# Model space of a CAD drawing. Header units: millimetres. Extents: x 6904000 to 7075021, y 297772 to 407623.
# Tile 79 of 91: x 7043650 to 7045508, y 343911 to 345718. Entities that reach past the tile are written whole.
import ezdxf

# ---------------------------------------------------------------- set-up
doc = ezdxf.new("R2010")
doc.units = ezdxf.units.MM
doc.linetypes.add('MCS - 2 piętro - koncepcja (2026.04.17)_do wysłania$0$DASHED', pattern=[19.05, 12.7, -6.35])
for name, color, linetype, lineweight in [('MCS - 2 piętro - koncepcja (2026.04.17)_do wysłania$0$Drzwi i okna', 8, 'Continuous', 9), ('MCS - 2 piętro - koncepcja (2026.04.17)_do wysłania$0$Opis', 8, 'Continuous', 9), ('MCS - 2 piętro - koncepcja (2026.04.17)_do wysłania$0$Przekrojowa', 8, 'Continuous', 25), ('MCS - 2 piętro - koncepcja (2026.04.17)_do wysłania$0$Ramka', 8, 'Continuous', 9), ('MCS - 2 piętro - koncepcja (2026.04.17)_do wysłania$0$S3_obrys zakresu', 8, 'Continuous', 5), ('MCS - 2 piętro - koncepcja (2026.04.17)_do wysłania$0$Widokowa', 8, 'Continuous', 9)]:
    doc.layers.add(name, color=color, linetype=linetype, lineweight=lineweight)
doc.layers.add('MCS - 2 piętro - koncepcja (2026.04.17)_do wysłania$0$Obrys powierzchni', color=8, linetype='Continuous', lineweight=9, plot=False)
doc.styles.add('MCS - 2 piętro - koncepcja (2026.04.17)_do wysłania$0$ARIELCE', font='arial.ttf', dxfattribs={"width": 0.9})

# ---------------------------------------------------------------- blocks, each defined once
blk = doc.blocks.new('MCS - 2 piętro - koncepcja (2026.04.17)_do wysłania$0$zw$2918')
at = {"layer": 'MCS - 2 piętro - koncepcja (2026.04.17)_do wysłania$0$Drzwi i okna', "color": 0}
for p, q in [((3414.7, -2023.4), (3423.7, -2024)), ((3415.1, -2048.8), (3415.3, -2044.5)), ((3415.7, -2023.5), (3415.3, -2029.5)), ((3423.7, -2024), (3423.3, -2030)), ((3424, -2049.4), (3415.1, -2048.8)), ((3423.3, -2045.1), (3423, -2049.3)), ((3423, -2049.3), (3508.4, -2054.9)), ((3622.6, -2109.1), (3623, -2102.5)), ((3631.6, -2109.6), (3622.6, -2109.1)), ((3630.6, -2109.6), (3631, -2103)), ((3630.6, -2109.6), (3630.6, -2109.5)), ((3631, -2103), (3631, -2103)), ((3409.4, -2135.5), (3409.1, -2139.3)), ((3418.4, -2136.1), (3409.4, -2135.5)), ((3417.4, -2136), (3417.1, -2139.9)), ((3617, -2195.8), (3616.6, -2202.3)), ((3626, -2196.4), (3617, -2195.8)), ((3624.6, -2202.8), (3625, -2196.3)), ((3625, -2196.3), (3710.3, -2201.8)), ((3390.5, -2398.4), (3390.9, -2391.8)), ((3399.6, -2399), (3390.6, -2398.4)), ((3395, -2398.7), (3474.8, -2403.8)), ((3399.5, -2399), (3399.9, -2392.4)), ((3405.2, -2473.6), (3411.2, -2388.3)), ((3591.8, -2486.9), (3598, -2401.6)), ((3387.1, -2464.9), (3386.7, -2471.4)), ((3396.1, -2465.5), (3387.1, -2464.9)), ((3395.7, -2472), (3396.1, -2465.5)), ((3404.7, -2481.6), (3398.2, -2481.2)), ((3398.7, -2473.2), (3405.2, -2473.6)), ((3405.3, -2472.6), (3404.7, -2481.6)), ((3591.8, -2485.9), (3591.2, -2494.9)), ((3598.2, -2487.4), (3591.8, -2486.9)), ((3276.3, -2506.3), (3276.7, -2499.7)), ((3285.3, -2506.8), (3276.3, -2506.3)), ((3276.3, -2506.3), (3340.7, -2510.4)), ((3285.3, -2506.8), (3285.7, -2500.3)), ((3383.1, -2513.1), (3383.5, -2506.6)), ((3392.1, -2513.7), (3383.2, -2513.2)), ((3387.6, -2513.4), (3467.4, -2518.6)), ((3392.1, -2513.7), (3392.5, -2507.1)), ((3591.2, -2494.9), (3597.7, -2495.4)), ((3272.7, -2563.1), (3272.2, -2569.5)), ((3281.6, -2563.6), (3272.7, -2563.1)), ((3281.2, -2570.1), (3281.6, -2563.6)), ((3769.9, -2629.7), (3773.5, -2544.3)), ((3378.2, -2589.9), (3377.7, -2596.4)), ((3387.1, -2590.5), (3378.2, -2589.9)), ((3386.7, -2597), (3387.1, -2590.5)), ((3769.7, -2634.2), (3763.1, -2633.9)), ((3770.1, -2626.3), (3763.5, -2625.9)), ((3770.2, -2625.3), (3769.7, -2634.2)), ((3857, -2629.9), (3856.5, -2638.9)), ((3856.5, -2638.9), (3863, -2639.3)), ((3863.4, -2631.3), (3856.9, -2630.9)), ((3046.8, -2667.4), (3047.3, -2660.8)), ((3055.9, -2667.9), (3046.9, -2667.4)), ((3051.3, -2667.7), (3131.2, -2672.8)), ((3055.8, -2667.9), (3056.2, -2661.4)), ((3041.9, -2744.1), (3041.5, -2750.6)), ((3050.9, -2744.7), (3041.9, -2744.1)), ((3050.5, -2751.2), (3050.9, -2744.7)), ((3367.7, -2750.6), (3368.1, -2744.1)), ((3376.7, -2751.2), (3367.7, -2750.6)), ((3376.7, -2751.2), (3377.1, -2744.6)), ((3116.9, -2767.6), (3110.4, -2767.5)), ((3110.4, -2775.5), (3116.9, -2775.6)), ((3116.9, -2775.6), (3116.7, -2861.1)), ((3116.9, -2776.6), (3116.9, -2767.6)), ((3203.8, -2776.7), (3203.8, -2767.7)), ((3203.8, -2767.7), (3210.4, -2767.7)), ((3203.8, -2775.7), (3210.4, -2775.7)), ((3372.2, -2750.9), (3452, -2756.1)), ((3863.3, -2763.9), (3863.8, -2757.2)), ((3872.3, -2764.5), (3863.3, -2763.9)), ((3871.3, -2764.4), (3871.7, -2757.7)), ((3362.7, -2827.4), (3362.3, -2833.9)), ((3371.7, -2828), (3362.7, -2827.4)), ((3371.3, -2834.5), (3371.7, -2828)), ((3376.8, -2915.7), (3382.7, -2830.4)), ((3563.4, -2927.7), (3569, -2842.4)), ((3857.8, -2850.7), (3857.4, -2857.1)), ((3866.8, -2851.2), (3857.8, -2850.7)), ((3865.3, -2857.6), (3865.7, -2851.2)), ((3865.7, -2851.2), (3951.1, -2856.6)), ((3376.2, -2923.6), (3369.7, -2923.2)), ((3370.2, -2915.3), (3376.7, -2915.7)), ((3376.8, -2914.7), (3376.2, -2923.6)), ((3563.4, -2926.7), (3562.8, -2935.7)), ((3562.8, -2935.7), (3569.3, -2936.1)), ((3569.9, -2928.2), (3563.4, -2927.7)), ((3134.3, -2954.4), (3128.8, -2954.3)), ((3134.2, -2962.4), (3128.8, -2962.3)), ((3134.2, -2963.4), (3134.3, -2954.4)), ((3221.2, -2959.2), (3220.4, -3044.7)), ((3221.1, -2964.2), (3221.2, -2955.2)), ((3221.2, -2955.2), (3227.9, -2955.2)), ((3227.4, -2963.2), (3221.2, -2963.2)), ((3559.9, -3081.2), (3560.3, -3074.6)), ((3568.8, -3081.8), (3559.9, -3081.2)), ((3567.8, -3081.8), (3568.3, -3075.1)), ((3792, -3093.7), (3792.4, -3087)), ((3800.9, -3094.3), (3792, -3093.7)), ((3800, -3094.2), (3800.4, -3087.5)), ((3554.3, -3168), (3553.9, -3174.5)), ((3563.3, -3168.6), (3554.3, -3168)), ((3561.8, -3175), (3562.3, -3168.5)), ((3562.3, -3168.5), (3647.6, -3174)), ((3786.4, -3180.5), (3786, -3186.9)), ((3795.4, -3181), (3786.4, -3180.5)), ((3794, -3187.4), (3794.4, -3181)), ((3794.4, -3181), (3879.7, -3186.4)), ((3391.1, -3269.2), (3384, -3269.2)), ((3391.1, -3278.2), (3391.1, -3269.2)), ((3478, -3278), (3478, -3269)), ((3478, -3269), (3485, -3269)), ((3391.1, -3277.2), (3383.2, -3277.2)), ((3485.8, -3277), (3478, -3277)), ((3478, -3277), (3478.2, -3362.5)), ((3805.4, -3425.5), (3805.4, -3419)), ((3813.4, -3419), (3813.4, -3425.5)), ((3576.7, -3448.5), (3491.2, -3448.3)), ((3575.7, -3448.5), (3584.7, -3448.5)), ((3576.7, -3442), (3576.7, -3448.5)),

What you will do: In the entries above, find the line with "for name, color, linetype, lineweight" and the line with "color=color, linetype=linetype, lineweight=lineweight)", then set down exactly those two and every line between them, nothing else.

Task solution:
for name, color, linetype, lineweight in [('MCS - 2 piętro - koncepcja (2026.04.17)_do wysłania$0$Drzwi i okna', 8, 'Continuous', 9), ('MCS - 2 piętro - koncepcja (2026.04.17)_do wysłania$0$Opis', 8, 'Continuous', 9), ('MCS - 2 piętro - koncepcja (2026.04.17)_do wysłania$0$Przekrojowa', 8, 'Continuous', 25), ('MCS - 2 piętro - koncepcja (2026.04.17)_do wysłania$0$Ramka', 8, 'Continuous', 9), ('MCS - 2 piętro - koncepcja (2026.04.17)_do wysłania$0$S3_obrys zakresu', 8, 'Continuous', 5), ('MCS - 2 piętro - koncepcja (2026.04.17)_do wysłania$0$Widokowa', 8, 'Continuous', 9)]:
    doc.layers.add(name, color=color, linetype=linetype, lineweight=lineweight)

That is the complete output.